For our purpose, we want to know the most important words(highest tf-idf) in Mark Twain's four books overall, and most important words(highest tf-idf) in each of these four books. Let's find out.
```{r}
book_words <- cleaned_books %>%
count(title, word, sort = TRUE) %>%
ungroup()
total_words <- book_words %>%
group_by(title) %>%
summarize(total = sum(n))
book_words <- left_join(book_words, total_words)
book_words
```
Terms with high tf-idf across all the four novels
```{r}
book_words <- book_words %>%
bind_tf_idf(word, title, n)
book_words %>%
select(-total) %>%
arrange(desc(tf_idf))
```
```{r}
plot <- book_words %>%
arrange(desc(tf_idf)) %>%
mutate(word = factor(word, levels = rev(unique(word))))
plot %>%
top_n(20) %>%
ggplot(aes(word, tf_idf, fill = title)) +
geom_bar(stat = 'identity', position = position_dodge())+
labs(x = NULL, y = "tf-idf") +
coord_flip() + ggtitle("Top tf-idf words in Mark Twain's Four Novels")
```
```{r}
plot %>%
group_by(title) %>%
top_n(10) %>%
ungroup %>%
ggplot(aes(word, tf_idf, fill = title)) +
geom_col(show.legend = FALSE) +
labs(x = NULL, y = "tf-idf") +
facet_wrap(~title, ncol = 2, scales = "free") +
coord_flip() + ggtitle('Top tf-idf words in each novel')
```
Each novel has its own highest tf-idf words. However, the language he used across these four novels are pretty similar, such as term "city" has high tf-idf in "Roughing it" and "Life on the Mississippi".
### Term frequency
Just for the kicks, let's compare Mark Twain's works with those of Charles Dicken's. Let's get "A Tale of Two Cities”, “Great Expectations”, “A Christmas Carol in Prose; Being a Ghost Story of Christmas”, “Oliver Twist” and “Hard Times”.

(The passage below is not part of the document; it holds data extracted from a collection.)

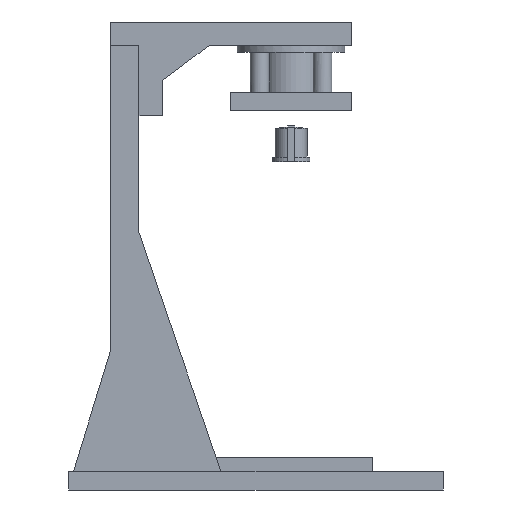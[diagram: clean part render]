
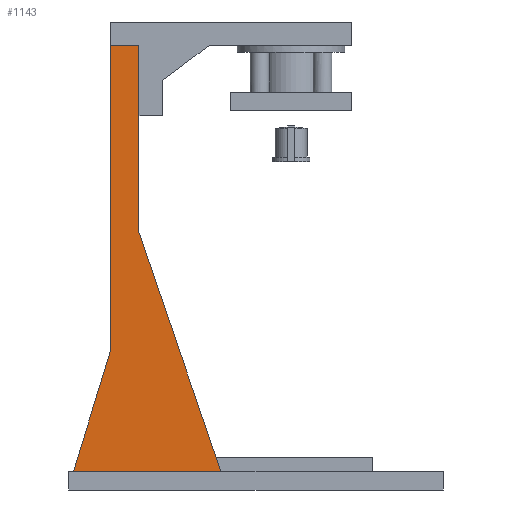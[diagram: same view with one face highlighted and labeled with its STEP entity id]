
A CAD part, left-side view. The second image highlights one B-rep face of the part: STEP entity #1143.
In plain terms, the highlighted planar face has unit normal (-1, 0, 0).
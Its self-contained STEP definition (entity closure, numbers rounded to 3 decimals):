
#200 = PLANE('',#201);
#201 = AXIS2_PLACEMENT_3D('',#202,#203,#204);
#202 = CARTESIAN_POINT('',(0.,0.,8.));
#203 = DIRECTION('',(0.,0.,1.));
#204 = DIRECTION('',(1.,0.,0.));
#454 = VERTEX_POINT('',#455);
#455 = CARTESIAN_POINT('',(45.,95.,8.));
#471 = PLANE('',#472);
#472 = AXIS2_PLACEMENT_3D('',#473,#474,#475);
#473 = CARTESIAN_POINT('',(45.,130.,110.));
#474 = DIRECTION('',(0.,0.946,-0.325));
#475 = DIRECTION('',(0.,-0.325,-0.946));
#483 = EDGE_CURVE('',#454,#484,#486,.T.);
#484 = VERTEX_POINT('',#485);
#485 = CARTESIAN_POINT('',(45.,158.,8.));
#486 = SURFACE_CURVE('',#487,(#491,#498),.PCURVE_S1.);
#487 = LINE('',#488,#489);
#488 = CARTESIAN_POINT('',(45.,95.,8.));
#489 = VECTOR('',#490,1.);
#490 = DIRECTION('',(0.,1.,0.));
#491 = PCURVE('',#200,#492);
#492 = DEFINITIONAL_REPRESENTATION('',(#493),#497);
#493 = LINE('',#494,#495);
#494 = CARTESIAN_POINT('',(45.,95.));
#495 = VECTOR('',#496,1.);
#496 = DIRECTION('',(0.,1.));
#497 = ( GEOMETRIC_REPRESENTATION_CONTEXT(2) 
PARAMETRIC_REPRESENTATION_CONTEXT() REPRESENTATION_CONTEXT('2D SPACE',''
  ) );
#498 = PCURVE('',#499,#504);
#499 = PLANE('',#500);
#500 = AXIS2_PLACEMENT_3D('',#501,#502,#503);
#501 = CARTESIAN_POINT('',(45.,146.601,30.601));
#502 = DIRECTION('',(1.,0.,0.));
#503 = DIRECTION('',(-0.,0.,1.));
#504 = DEFINITIONAL_REPRESENTATION('',(#505),#509);
#505 = LINE('',#506,#507);
#506 = CARTESIAN_POINT('',(-22.601,51.601));
#507 = VECTOR('',#508,1.);
#508 = DIRECTION('',(0.,-1.));
#509 = ( GEOMETRIC_REPRESENTATION_CONTEXT(2) 
PARAMETRIC_REPRESENTATION_CONTEXT() REPRESENTATION_CONTEXT('2D SPACE',''
  ) );
#527 = PLANE('',#528);
#528 = AXIS2_PLACEMENT_3D('',#529,#530,#531);
#529 = CARTESIAN_POINT('',(45.,158.,8.));
#530 = DIRECTION('',(0.,-0.956,-0.294));
#531 = DIRECTION('',(0.,-0.294,0.956));
#583 = PLANE('',#584);
#584 = AXIS2_PLACEMENT_3D('',#585,#586,#587);
#585 = CARTESIAN_POINT('',(45.,142.,8.));
#586 = DIRECTION('',(0.,1.,0.));
#587 = DIRECTION('',(0.,0.,1.));
#751 = PLANE('',#752);
#752 = AXIS2_PLACEMENT_3D('',#753,#754,#755);
#753 = CARTESIAN_POINT('',(45.,130.,8.));
#754 = DIRECTION('',(0.,1.,0.));
#755 = DIRECTION('',(0.,0.,1.));
#1077 = VERTEX_POINT('',#1078);
#1078 = CARTESIAN_POINT('',(45.,130.,110.));
#1123 = EDGE_CURVE('',#1077,#454,#1124,.T.);
#1124 = SURFACE_CURVE('',#1125,(#1129,#1136),.PCURVE_S1.);
#1125 = LINE('',#1126,#1127);
#1126 = CARTESIAN_POINT('',(45.,130.,110.));
#1127 = VECTOR('',#1128,1.);
#1128 = DIRECTION('',(0.,-0.325,-0.946));
#1129 = PCURVE('',#471,#1130);
#1130 = DEFINITIONAL_REPRESENTATION('',(#1131),#1135);
#1131 = LINE('',#1132,#1133);
#1132 = CARTESIAN_POINT('',(0.,0.));
#1133 = VECTOR('',#1134,1.);
#1134 = DIRECTION('',(1.,0.));
#1135 = ( GEOMETRIC_REPRESENTATION_CONTEXT(2) 
PARAMETRIC_REPRESENTATION_CONTEXT() REPRESENTATION_CONTEXT('2D SPACE',''
  ) );
#1136 = PCURVE('',#499,#1137);
#1137 = DEFINITIONAL_REPRESENTATION('',(#1138),#1142);
#1138 = LINE('',#1139,#1140);
#1139 = CARTESIAN_POINT('',(79.399,16.601));
#1140 = VECTOR('',#1141,1.);
#1141 = DIRECTION('',(-0.946,0.325));
#1142 = ( GEOMETRIC_REPRESENTATION_CONTEXT(2) 
PARAMETRIC_REPRESENTATION_CONTEXT() REPRESENTATION_CONTEXT('2D SPACE',''
  ) );
#1143 = ADVANCED_FACE('',(#1144),#499,.F.);
#1144 = FACE_BOUND('',#1145,.F.);
#1145 = EDGE_LOOP('',(#1146,#1169,#1192,#1220,#1241,#1242));
#1146 = ORIENTED_EDGE('',*,*,#1147,.T.);
#1147 = EDGE_CURVE('',#484,#1148,#1150,.T.);
#1148 = VERTEX_POINT('',#1149);
#1149 = CARTESIAN_POINT('',(45.,142.,60.));
#1150 = SURFACE_CURVE('',#1151,(#1155,#1162),.PCURVE_S1.);
#1151 = LINE('',#1152,#1153);
#1152 = CARTESIAN_POINT('',(45.,158.,8.));
#1153 = VECTOR('',#1154,1.);
#1154 = DIRECTION('',(0.,-0.294,0.956));
#1155 = PCURVE('',#499,#1156);
#1156 = DEFINITIONAL_REPRESENTATION('',(#1157),#1161);
#1157 = LINE('',#1158,#1159);
#1158 = CARTESIAN_POINT('',(-22.601,-11.399));
#1159 = VECTOR('',#1160,1.);
#1160 = DIRECTION('',(0.956,0.294));
#1161 = ( GEOMETRIC_REPRESENTATION_CONTEXT(2) 
PARAMETRIC_REPRESENTATION_CONTEXT() REPRESENTATION_CONTEXT('2D SPACE',''
  ) );
#1162 = PCURVE('',#527,#1163);
#1163 = DEFINITIONAL_REPRESENTATION('',(#1164),#1168);
#1164 = LINE('',#1165,#1166);
#1165 = CARTESIAN_POINT('',(0.,0.));
#1166 = VECTOR('',#1167,1.);
#1167 = DIRECTION('',(1.,0.));
#1168 = ( GEOMETRIC_REPRESENTATION_CONTEXT(2) 
PARAMETRIC_REPRESENTATION_CONTEXT() REPRESENTATION_CONTEXT('2D SPACE',''
  ) );
#1169 = ORIENTED_EDGE('',*,*,#1170,.T.);
#1170 = EDGE_CURVE('',#1148,#1171,#1173,.T.);
#1171 = VERTEX_POINT('',#1172);
#1172 = CARTESIAN_POINT('',(45.,142.,190.));
#1173 = SURFACE_CURVE('',#1174,(#1178,#1185),.PCURVE_S1.);
#1174 = LINE('',#1175,#1176);
#1175 = CARTESIAN_POINT('',(45.,142.,8.));
#1176 = VECTOR('',#1177,1.);
#1177 = DIRECTION('',(0.,0.,1.));
#1178 = PCURVE('',#499,#1179);
#1179 = DEFINITIONAL_REPRESENTATION('',(#1180),#1184);
#1180 = LINE('',#1181,#1182);
#1181 = CARTESIAN_POINT('',(-22.601,4.601));
#1182 = VECTOR('',#1183,1.);
#1183 = DIRECTION('',(1.,0.));
#1184 = ( GEOMETRIC_REPRESENTATION_CONTEXT(2) 
PARAMETRIC_REPRESENTATION_CONTEXT() REPRESENTATION_CONTEXT('2D SPACE',''
  ) );
#1185 = PCURVE('',#583,#1186);
#1186 = DEFINITIONAL_REPRESENTATION('',(#1187),#1191);
#1187 = LINE('',#1188,#1189);
#1188 = CARTESIAN_POINT('',(0.,0.));
#1189 = VECTOR('',#1190,1.);
#1190 = DIRECTION('',(1.,0.));
#1191 = ( GEOMETRIC_REPRESENTATION_CONTEXT(2) 
PARAMETRIC_REPRESENTATION_CONTEXT() REPRESENTATION_CONTEXT('2D SPACE',''
  ) );
#1192 = ORIENTED_EDGE('',*,*,#1193,.F.);
#1193 = EDGE_CURVE('',#1194,#1171,#1196,.T.);
#1194 = VERTEX_POINT('',#1195);
#1195 = CARTESIAN_POINT('',(45.,130.,190.));
#1196 = SURFACE_CURVE('',#1197,(#1201,#1208),.PCURVE_S1.);
#1197 = LINE('',#1198,#1199);
#1198 = CARTESIAN_POINT('',(45.,130.,190.));
#1199 = VECTOR('',#1200,1.);
#1200 = DIRECTION('',(0.,1.,0.));
#1201 = PCURVE('',#499,#1202);
#1202 = DEFINITIONAL_REPRESENTATION('',(#1203),#1207);
#1203 = LINE('',#1204,#1205);
#1204 = CARTESIAN_POINT('',(159.399,16.601));
#1205 = VECTOR('',#1206,1.);
#1206 = DIRECTION('',(0.,-1.));
#1207 = ( GEOMETRIC_REPRESENTATION_CONTEXT(2) 
PARAMETRIC_REPRESENTATION_CONTEXT() REPRESENTATION_CONTEXT('2D SPACE',''
  ) );
#1208 = PCURVE('',#1209,#1214);
#1209 = PLANE('',#1210);
#1210 = AXIS2_PLACEMENT_3D('',#1211,#1212,#1213);
#1211 = CARTESIAN_POINT('',(45.,130.,190.));
#1212 = DIRECTION('',(0.,0.,1.));
#1213 = DIRECTION('',(1.,0.,0.));
#1214 = DEFINITIONAL_REPRESENTATION('',(#1215),#1219);
#1215 = LINE('',#1216,#1217);
#1216 = CARTESIAN_POINT('',(0.,0.));
#1217 = VECTOR('',#1218,1.);
#1218 = DIRECTION('',(0.,1.));
#1219 = ( GEOMETRIC_REPRESENTATION_CONTEXT(2) 
PARAMETRIC_REPRESENTATION_CONTEXT() REPRESENTATION_CONTEXT('2D SPACE',''
  ) );
#1220 = ORIENTED_EDGE('',*,*,#1221,.F.);
#1221 = EDGE_CURVE('',#1077,#1194,#1222,.T.);
#1222 = SURFACE_CURVE('',#1223,(#1227,#1234),.PCURVE_S1.);
#1223 = LINE('',#1224,#1225);
#1224 = CARTESIAN_POINT('',(45.,130.,8.));
#1225 = VECTOR('',#1226,1.);
#1226 = DIRECTION('',(0.,0.,1.));
#1227 = PCURVE('',#499,#1228);
#1228 = DEFINITIONAL_REPRESENTATION('',(#1229),#1233);
#1229 = LINE('',#1230,#1231);
#1230 = CARTESIAN_POINT('',(-22.601,16.601));
#1231 = VECTOR('',#1232,1.);
#1232 = DIRECTION('',(1.,0.));
#1233 = ( GEOMETRIC_REPRESENTATION_CONTEXT(2) 
PARAMETRIC_REPRESENTATION_CONTEXT() REPRESENTATION_CONTEXT('2D SPACE',''
  ) );
#1234 = PCURVE('',#751,#1235);
#1235 = DEFINITIONAL_REPRESENTATION('',(#1236),#1240);
#1236 = LINE('',#1237,#1238);
#1237 = CARTESIAN_POINT('',(0.,0.));
#1238 = VECTOR('',#1239,1.);
#1239 = DIRECTION('',(1.,0.));
#1240 = ( GEOMETRIC_REPRESENTATION_CONTEXT(2) 
PARAMETRIC_REPRESENTATION_CONTEXT() REPRESENTATION_CONTEXT('2D SPACE',''
  ) );
#1241 = ORIENTED_EDGE('',*,*,#1123,.T.);
#1242 = ORIENTED_EDGE('',*,*,#483,.T.);

What are the most common words in these novels of Charles Dickens?
```{r}
dickens <- gutenberg_download(c(98, 1400, 46, 730, 786))
tidy_dickens <- dickens %>%
unnest_tokens(word, text) %>%
anti_join(stop_words)
tidy_dickens %>%
count(word, sort = TRUE)
```
```{r}
tidy_twains <- books %>%
unnest_tokens(word, text) %>%
anti_join(stop_words)
```
```{r}
frequency <- bind_rows(mutate(tidy_twains, author = "Mark Twain"),
mutate(tidy_dickens, author = "Charles Dickens")) %>%
mutate(word = str_extract(word, "[a-z']+")) %>%
count(author, word) %>%
group_by(author) %>%
mutate(proportion = n / sum(n)) %>%
select(-n) %>%
spread(author, proportion) %>%
gather(author, proportion, `Mark Twain`:`Charles Dickens`)
```
```{r}
frequency$word <- factor(frequency$word,
levels=unique(with(frequency,
word[order(proportion, word,
decreasing = TRUE)])))
frequency <- frequency[complete.cases(frequency), ]
ggplot(aes(x = reorder(word, proportion), y = proportion, fill = author),
data = subset(frequency, proportion>0.0025)) +
geom_bar(stat = 'identity', position = position_dodge())+
coord_flip() + ggtitle('Comparing the word frequencies of Mark Twain and Charles Dickens')
```
The top term for both author is the same - "time". Other than that, their language are very different.